For multiclass classification (3+ classes), coefficients are grouped per class with deterministic ordering.

Unified Index

Every run produces interpretability.index.v1.json, which lists all available interpretability artifacts, their schema versions, and paths. Absent artifacts are omitted (not set to null).

Diagnostics

Structured diagnostics explain run behavior as machine-readable codes:

Code	Description
`MISSING_VALUES_DROPPED`	Rows dropped due to missing values
`LABEL_NOT_FOUND`	Label column not present in dataset
`LABEL_TYPE_INVALID`	Label column has invalid type
`ZERO_ROWS`	Dataset has zero rows after processing
`ZERO_FEATURES`	Dataset has no feature columns
`LABEL_ONLY_DATASET`	Dataset contains only the label column
`FEATURE_IMPORTANCE_UNSUPPORTED_MODEL`	Model doesn’t support native feature importance
`LINEAR_COEFFICIENTS_UNSUPPORTED_MODEL`	Model doesn’t support coefficient extraction

Event Stream

Phase 4 ships a structured event stream (events.schema.v1.json) that Python emits as JSONL on stderr, one event per line. The schema is frozen at v1.0.0 and covers nine event types:

Event	When emitted
`run_start`	Run begins
`dataset_loaded`	CSV parsed and validated
`train_started`	Pipeline fit begins
`train_progress`	Per epoch (Phase 4 cardinality)
`train_finished`	Pipeline fit complete
`metrics_computed`	Validation metrics computed
`artifacts_written`	All artifacts flushed to disk
`cancelling`	SIGTERM received; emits per-second `seconds_remaining` countdown
`run_cancelled`	Graceful cancel cleanup complete

Event emission order is deterministic across re-runs of the same configuration; timestamps naturally vary. Non-JSONL stderr is treated as free-form log lines. The TS Bridge validates each event against the schema and drops malformed events without throwing.

Workspace Trust

Python subprocess spawn (training, version check, GPU probe, dataset inspect, artifact inspect) is gated by VS Code workspace trust. RunForge runs user-controlled Python from a workspace-settable path; the trust guard prevents an untrusted workspace from inducing arbitrary Python execution. Untrusted workspaces receive a structured error pointing to the Manage Workspace Trust UI.

Security and Data Scope

Data touched: workspace CSV files (read-only for training), .ml/ directory (run metadata, model artifacts, metrics). Python subprocess stdout/stderr.
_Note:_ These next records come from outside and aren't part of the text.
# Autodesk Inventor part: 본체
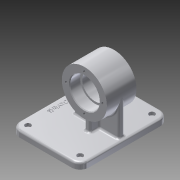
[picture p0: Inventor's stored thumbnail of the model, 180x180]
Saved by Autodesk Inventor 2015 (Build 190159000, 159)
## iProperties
Created: 2019-09
Part Number: 본체
Material: 알루미늄 6061
Document SubType Name: Modeling
Designer: CAD-08
Density: 2.7 g/cm^3
Appearance: 알루미늄 - 평지
Mass: 554.62 g
Surface Area: 495.884 cm^2
Volume: 205.415 cm^3
Author: CAD-08
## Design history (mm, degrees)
sketch "스케치1"
  geometry: C1 r 32 at (0, 0); 1 further point
  constraints: 1 centre point, 1 coincident
  dimensions: "d0" = 64 diameter of C1
extrude "돌출1" new body sketch "스케치1" distance "d1" = 42; taper "d2" = 0 deg
sketch "스케치2"
  geometry: C1 r 32 at (0, 0) reference
hole "구멍1" sketch "스케치2" at (0, 0) diameter "d3" = 36; stored, may be unused: countersink angle "d7" = 90 deg, drill point angle "d9" = 118 deg; dims "d4" = 6, "d5" = 4, "d6" = 2, "d8" = 8
sketch "스케치3"
  geometry: C1 r 18 at (0, 0) reference
hole "구멍2" sketch "스케치3" at (0, 0) diameter "d10" = 42; stored, may be unused: countersink angle "d14" = 90 deg, drill point angle "d16" = 0 deg; dims "d11" = 6, "d12" = 4, "d13" = 2, "d15" = 15
sketch "스케치4"
  geometry: C1 r 18 at (0, 0) reference
hole "구멍3" sketch "스케치4" at (0, 0) diameter "d17" = 42; stored, may be unused: countersink angle "d21" = 90 deg, drill point angle "d23" = 0 deg; dims "d18" = 6, "d19" = 4, "d20" = 2, "d22" = 15
node "작업 평면1"
sketch "스케치6"
  geometry: L1 (36, -42)-(-62, -42); L2 (-62, -42)-(-62, 84); L3 (-62, 84)-(36, 84); L4 (36, 84)-(36, -42); L5 (36, -42)-(-62, 84); L6 (-62, -42)-(36, 84); 2 further points
  constraints: 12 end point, 2 midpoint, 2 parallel, 1 horizontal, 1 perpendicular
  dimensions: "d30" = 126 distance of L3.end L1.start; "d31" = 98 distance of L2.end L3.end; "d32" = 21 vertical distance of point (0, 0) point (-13, 21); "d33" = 36 distance from line of point (0, 0) L4
extrude "돌출3" join sketch "스케치6" distance "d34" = 9; taper "d35" = 0 deg
sketch "스케치7"
  geometry: L1 (36, 84)-(-62, 84) reference; L2 (-62, 84)-(-62, -42) reference; L3 (32, 25)-(-32, 25); L4 (-32, 25)-(-32, 17); L5 (-32, 17)-(32, 17); L6 (32, 17)-(32, 25); L7 (32, 25)-(-32, 17); L8 (-32, 25)-(32, 17); L9 (4, 38)-(-4, 38); L10 (-4, 38)-(-4, 4); L11 (-4, 4)-(4, 4); L12 (4, 4)-(4, 38); L13 (4, 38)-(-4, 4); L14 (-4, 38)-(4, 4); 3 further points
  constraints: 24 end point, 4 midpoint, 4 parallel, 2 horizontal, 2 perpendicular
  dimensions: "d36" = 8 distance of L3.end L4.end; "d37" = 8 distance of L9.start L9.end; "d38" = 62 distance from line of L2 point (0, 21); "d39" = 62 distance from line of L2 point (0, 21); "d40" = 34 distance of L9.end L10.end; "d41" = 63 distance from line of L1 point (0, 21); "d42" = 63 distance from line of L1 point (0, 21); "d43" = 64 distance of L3.start L3.end
extrude "돌출4" join sketch "스케치7" stored distance "d44" = 9; taper "d45" = 0 deg
fillet "모깎기1" dims "d46" = 12
chamfer "모따기1" distance "d47" = 1; stored, may be unused: second distance "d48" = 2, angle "d49" = 45 deg
fillet "모깎기2" dims "d50" = 0.3
sketch "스케치8"
  geometry: C1 r 32 at (0, 0) reference; 1 further point
  constraints: 1 vertical alignment
  dimensions: "d51" = 26 distance of C1.centre point (0, 26)
hole "구멍4" sketch "스케치8" at (0, 26) diameter "d52" = 3.242; stored, may be unused: countersink angle "d56" = 90 deg, drill point angle "d58" = 118 deg; dims "d53" = 8, "d54" = 4, "d55" = 2, "d57" = 10
sketch "스케치9"
  geometry: C1 r 32 at (0, 0) reference; 1 further point
  constraints: 1 vertical alignment
  dimensions: "d62" = 26 distance of point (0, -26) C1.centre
hole "구멍5" sketch "스케치9" at (0, -26) diameter "d63" = 3.242; stored, may be unused: countersink angle "d67" = 90 deg, drill point angle "d69" = 118 deg; dims "d64" = 8, "d65" = 4, "d66" = 2, "d68" = 10
sketch "스케치10"
  geometry: A1 r 12 centre (-50, 72) between (-50, 84) and (-62, 72) reference; A2 r 12 centre (-50, -30) between (-62, -30) and (-50, -42) reference; A3 r 12 centre (24, -30) between (24, -42) and (36, -30) reference; A4 r 12 centre (24, 72) between (36, 72) and (24, 84) reference; 1 further point
hole "구멍6" sketch "스케치10" at (-50, -30), (24, -30), (24, 72), (-50, 72) diameter "d73" = 4.5; stored, may be unused: countersink angle "d77" = 90 deg, drill point angle "d79" = 118 deg; dims "d74" = 8, "d75" = 8, "d76" = 4.4, "d78" = 10
sketch "스케치11"
  geometry: L1 (-62, 72)-(-62, -30) reference; L2 (24, 84)-(-50, 84) reference; 2 further points
  constraints: 1 other
  dimensions: "d80" = 10 distance from line of L1 point (-52, 21); "d81" = 63 distance from line of L2 point (-52, 21)
feature "엠보싱1" sketch "스케치11" dims "d1" = 42, "d2" = 0, "d82" = 0.5, "d83" = 0
fillet "모깎기3" dims "d84" = 3
fillet "모깎기4" dims "d85" = 3
fillet "모깎기5" dims "d86" = 3
fillet "모깎기6" dims "d87" = 3
fillet "모깎기7" dims "d88" = 3
node "솔리드1"
pattern_circular "원형 패턴1" dims angle "d60" = 360 deg
pattern_circular "원형 패턴2" dims angle "d71" = 360 deg
other parameters: "d24" = -59

Data NOT touched: no files outside the open workspace, no browser data, no OS credentials.

Permissions: filesystem read/write within workspace only, Python subprocess execution (gated by workspace trust).

No network egress. All operations are local. No telemetry is collected or sent.

For the full trust model, see TRUST_MODEL.md.